● **Aim of the exercise**
Output, word for word, the lines of this listing that fall between the line with "A CAD part, top" and the line with "#3943 = CARTESIAN_POINT", counting both of those lines, and no others.

● **Data in this exercise**

════

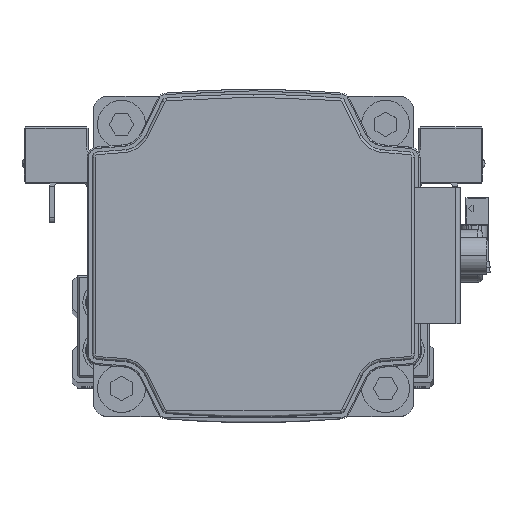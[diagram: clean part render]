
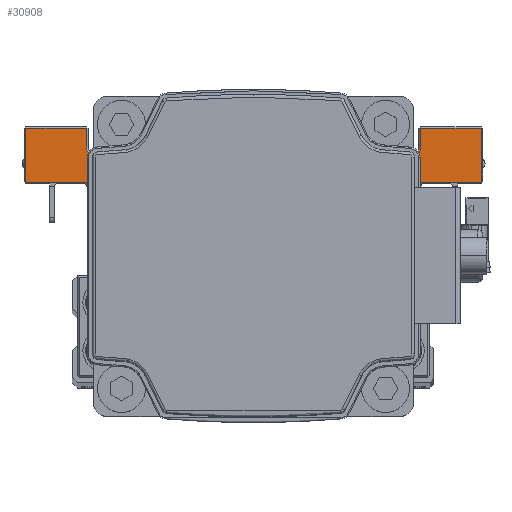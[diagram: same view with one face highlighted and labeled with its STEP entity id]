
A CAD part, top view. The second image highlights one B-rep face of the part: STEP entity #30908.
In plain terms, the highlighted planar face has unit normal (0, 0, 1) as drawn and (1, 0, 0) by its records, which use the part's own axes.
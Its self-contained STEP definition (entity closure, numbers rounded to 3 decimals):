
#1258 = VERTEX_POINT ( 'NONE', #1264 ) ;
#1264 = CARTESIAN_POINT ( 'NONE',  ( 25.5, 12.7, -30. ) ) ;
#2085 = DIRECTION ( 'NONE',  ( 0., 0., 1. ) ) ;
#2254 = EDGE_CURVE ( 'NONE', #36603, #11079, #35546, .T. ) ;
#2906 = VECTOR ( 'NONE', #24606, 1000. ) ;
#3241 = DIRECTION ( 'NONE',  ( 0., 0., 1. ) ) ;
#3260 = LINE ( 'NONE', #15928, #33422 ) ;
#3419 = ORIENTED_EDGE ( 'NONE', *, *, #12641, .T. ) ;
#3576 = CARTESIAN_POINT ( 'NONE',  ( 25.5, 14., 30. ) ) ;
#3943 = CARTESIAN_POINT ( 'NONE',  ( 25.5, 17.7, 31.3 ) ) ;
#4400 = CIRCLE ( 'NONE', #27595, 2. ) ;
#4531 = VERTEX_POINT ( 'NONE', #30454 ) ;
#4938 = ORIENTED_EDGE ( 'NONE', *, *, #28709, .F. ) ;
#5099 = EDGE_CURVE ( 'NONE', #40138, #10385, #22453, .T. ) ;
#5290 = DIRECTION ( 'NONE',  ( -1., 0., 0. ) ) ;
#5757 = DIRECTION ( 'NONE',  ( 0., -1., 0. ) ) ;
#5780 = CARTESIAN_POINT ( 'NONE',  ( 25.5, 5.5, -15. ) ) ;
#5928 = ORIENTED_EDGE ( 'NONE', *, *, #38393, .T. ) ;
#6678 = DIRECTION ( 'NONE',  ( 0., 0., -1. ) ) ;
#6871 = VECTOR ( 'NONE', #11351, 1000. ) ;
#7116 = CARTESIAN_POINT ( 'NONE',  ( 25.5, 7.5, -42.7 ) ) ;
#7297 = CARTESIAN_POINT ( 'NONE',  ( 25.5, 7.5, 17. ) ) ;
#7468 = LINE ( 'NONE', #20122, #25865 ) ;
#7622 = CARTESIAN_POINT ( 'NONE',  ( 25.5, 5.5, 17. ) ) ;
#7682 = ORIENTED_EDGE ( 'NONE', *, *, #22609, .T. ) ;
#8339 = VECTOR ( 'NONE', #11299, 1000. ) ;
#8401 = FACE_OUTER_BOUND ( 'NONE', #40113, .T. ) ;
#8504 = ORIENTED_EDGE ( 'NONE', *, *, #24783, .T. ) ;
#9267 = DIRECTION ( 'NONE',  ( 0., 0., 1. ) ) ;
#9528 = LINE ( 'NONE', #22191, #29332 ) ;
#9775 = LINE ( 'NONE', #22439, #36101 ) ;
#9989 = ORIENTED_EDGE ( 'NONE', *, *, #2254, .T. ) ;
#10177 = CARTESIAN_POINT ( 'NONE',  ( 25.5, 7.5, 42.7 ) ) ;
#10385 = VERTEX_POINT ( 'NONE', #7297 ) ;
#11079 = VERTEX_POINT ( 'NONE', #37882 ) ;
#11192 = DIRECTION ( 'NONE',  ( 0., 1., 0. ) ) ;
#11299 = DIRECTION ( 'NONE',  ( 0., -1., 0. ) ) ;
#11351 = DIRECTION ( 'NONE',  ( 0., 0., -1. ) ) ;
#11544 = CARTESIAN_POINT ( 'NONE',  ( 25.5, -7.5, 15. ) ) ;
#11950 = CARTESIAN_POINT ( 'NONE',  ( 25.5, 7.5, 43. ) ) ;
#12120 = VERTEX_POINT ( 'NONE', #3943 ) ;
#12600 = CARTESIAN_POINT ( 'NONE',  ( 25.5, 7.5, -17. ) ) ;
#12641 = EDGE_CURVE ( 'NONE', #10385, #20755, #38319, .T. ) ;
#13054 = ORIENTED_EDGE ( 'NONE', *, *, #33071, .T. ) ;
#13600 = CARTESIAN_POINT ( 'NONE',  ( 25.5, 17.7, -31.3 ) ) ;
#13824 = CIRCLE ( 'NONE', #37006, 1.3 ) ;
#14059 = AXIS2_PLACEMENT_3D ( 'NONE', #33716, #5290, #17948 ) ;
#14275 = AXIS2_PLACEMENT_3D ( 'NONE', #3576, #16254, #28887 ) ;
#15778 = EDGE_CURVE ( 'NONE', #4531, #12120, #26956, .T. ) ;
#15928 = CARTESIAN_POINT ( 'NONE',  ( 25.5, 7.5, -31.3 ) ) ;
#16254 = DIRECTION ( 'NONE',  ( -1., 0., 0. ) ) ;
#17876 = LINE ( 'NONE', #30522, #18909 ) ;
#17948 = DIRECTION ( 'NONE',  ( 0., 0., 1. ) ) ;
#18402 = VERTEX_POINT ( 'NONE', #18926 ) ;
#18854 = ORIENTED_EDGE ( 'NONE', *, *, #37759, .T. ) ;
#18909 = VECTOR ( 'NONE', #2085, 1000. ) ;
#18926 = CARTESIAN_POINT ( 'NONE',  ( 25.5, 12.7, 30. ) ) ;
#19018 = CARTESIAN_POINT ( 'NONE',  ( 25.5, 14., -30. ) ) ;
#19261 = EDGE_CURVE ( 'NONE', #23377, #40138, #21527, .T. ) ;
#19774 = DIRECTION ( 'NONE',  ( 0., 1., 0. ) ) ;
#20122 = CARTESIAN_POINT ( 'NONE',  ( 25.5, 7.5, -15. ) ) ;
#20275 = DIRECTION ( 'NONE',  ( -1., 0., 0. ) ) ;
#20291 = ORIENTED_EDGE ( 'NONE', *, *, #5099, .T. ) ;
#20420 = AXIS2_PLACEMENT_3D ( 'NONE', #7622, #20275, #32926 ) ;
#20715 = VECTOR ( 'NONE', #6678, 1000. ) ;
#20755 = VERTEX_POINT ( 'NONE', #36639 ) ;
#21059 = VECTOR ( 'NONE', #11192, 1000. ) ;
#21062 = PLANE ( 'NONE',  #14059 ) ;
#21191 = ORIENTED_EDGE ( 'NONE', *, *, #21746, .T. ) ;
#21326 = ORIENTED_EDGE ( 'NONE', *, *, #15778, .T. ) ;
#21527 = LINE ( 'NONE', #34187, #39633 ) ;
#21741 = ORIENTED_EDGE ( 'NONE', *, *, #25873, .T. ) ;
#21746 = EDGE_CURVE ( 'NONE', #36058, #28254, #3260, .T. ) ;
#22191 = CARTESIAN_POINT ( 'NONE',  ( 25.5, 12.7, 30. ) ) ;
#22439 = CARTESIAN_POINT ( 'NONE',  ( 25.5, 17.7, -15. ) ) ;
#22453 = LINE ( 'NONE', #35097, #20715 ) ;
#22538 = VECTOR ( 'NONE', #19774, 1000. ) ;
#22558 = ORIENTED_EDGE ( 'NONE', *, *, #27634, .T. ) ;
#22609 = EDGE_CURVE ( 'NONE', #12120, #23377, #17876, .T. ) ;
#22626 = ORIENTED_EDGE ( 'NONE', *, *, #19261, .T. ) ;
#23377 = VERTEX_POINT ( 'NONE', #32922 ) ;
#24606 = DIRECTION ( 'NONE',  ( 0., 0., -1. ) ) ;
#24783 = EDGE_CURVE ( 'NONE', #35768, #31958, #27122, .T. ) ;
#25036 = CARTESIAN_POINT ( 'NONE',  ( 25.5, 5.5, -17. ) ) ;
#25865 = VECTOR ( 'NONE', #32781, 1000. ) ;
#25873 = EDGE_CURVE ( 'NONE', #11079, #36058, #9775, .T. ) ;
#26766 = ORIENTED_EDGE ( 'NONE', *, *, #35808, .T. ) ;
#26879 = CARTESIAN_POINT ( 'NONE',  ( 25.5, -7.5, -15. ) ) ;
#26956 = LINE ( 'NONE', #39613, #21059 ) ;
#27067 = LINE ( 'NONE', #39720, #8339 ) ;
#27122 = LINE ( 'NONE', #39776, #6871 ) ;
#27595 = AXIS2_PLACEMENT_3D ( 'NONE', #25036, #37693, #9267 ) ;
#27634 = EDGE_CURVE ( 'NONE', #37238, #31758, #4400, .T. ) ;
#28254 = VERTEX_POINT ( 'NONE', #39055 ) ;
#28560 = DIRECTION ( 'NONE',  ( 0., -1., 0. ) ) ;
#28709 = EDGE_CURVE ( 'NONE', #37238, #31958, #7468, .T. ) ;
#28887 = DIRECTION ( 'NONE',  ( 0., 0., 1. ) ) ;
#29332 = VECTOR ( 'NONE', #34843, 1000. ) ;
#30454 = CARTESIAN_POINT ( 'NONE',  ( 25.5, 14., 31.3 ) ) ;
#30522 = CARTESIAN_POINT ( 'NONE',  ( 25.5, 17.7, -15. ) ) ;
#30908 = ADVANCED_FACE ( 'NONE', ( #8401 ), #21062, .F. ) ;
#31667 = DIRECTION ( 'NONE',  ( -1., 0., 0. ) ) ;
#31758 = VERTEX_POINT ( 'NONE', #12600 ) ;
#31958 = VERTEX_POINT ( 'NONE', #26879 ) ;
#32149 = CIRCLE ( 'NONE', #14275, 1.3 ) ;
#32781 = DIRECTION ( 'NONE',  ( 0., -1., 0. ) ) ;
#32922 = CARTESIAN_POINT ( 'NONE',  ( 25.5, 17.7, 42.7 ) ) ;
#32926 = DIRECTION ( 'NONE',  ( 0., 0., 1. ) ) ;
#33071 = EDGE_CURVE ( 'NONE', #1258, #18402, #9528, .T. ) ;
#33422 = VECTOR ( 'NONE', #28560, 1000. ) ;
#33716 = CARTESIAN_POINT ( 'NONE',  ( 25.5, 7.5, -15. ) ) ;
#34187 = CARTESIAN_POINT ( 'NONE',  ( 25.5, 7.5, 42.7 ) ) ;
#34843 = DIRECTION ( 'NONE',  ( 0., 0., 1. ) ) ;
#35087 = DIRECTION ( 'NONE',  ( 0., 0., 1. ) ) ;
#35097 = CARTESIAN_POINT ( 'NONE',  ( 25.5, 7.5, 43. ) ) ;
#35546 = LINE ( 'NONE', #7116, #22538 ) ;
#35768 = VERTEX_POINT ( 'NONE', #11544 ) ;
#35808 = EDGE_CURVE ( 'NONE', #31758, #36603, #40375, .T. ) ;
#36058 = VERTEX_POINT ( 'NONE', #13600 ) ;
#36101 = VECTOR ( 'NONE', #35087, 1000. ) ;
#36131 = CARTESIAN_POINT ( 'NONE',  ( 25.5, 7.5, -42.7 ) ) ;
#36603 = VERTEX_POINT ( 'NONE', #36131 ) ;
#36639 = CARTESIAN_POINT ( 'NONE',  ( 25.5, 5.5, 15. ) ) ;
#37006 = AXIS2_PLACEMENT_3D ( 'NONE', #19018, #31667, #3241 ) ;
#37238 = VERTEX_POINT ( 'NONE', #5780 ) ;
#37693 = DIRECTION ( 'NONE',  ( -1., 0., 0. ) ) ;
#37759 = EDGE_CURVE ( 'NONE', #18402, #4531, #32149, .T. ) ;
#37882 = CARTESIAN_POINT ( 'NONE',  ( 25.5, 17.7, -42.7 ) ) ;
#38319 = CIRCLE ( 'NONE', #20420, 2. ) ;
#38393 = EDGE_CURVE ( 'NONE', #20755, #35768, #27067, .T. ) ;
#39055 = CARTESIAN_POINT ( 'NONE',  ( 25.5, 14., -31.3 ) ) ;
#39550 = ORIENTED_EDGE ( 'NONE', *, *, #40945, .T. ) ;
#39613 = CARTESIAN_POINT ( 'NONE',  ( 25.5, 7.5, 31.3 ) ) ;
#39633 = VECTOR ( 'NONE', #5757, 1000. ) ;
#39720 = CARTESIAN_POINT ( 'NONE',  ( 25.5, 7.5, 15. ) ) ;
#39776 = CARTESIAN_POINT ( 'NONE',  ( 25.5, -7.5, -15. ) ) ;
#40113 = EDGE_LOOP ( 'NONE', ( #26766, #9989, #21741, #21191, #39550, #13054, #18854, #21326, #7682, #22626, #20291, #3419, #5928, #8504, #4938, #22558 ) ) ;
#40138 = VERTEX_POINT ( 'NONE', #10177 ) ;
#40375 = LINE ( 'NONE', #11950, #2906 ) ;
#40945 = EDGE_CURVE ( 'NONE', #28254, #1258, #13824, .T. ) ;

════

● **Written answer**
A CAD part, top view. The second image highlights one B-rep face of the part: STEP entity #30908.
In plain terms, the highlighted planar face has unit normal (0, 0, 1) as drawn and (1, 0, 0) by its records, which use the part's own axes.
Its self-contained STEP definition (entity closure, numbers rounded to 3 decimals):
#1258 = VERTEX_POINT ( 'NONE', #1264 ) ;
#1264 = CARTESIAN_POINT ( 'NONE',  ( 25.5, 12.7, -30. ) ) ;
#2085 = DIRECTION ( 'NONE',  ( 0., 0., 1. ) ) ;
#2254 = EDGE_CURVE ( 'NONE', #36603, #11079, #35546, .T. ) ;
#2906 = VECTOR ( 'NONE', #24606, 1000. ) ;
#3241 = DIRECTION ( 'NONE',  ( 0., 0., 1. ) ) ;
#3260 = LINE ( 'NONE', #15928, #33422 ) ;
#3419 = ORIENTED_EDGE ( 'NONE', *, *, #12641, .T. ) ;
#3576 = CARTESIAN_POINT ( 'NONE',  ( 25.5, 14., 30. ) ) ;
#3943 = CARTESIAN_POINT ( 'NONE',  ( 25.5, 17.7, 31.3 ) ) ;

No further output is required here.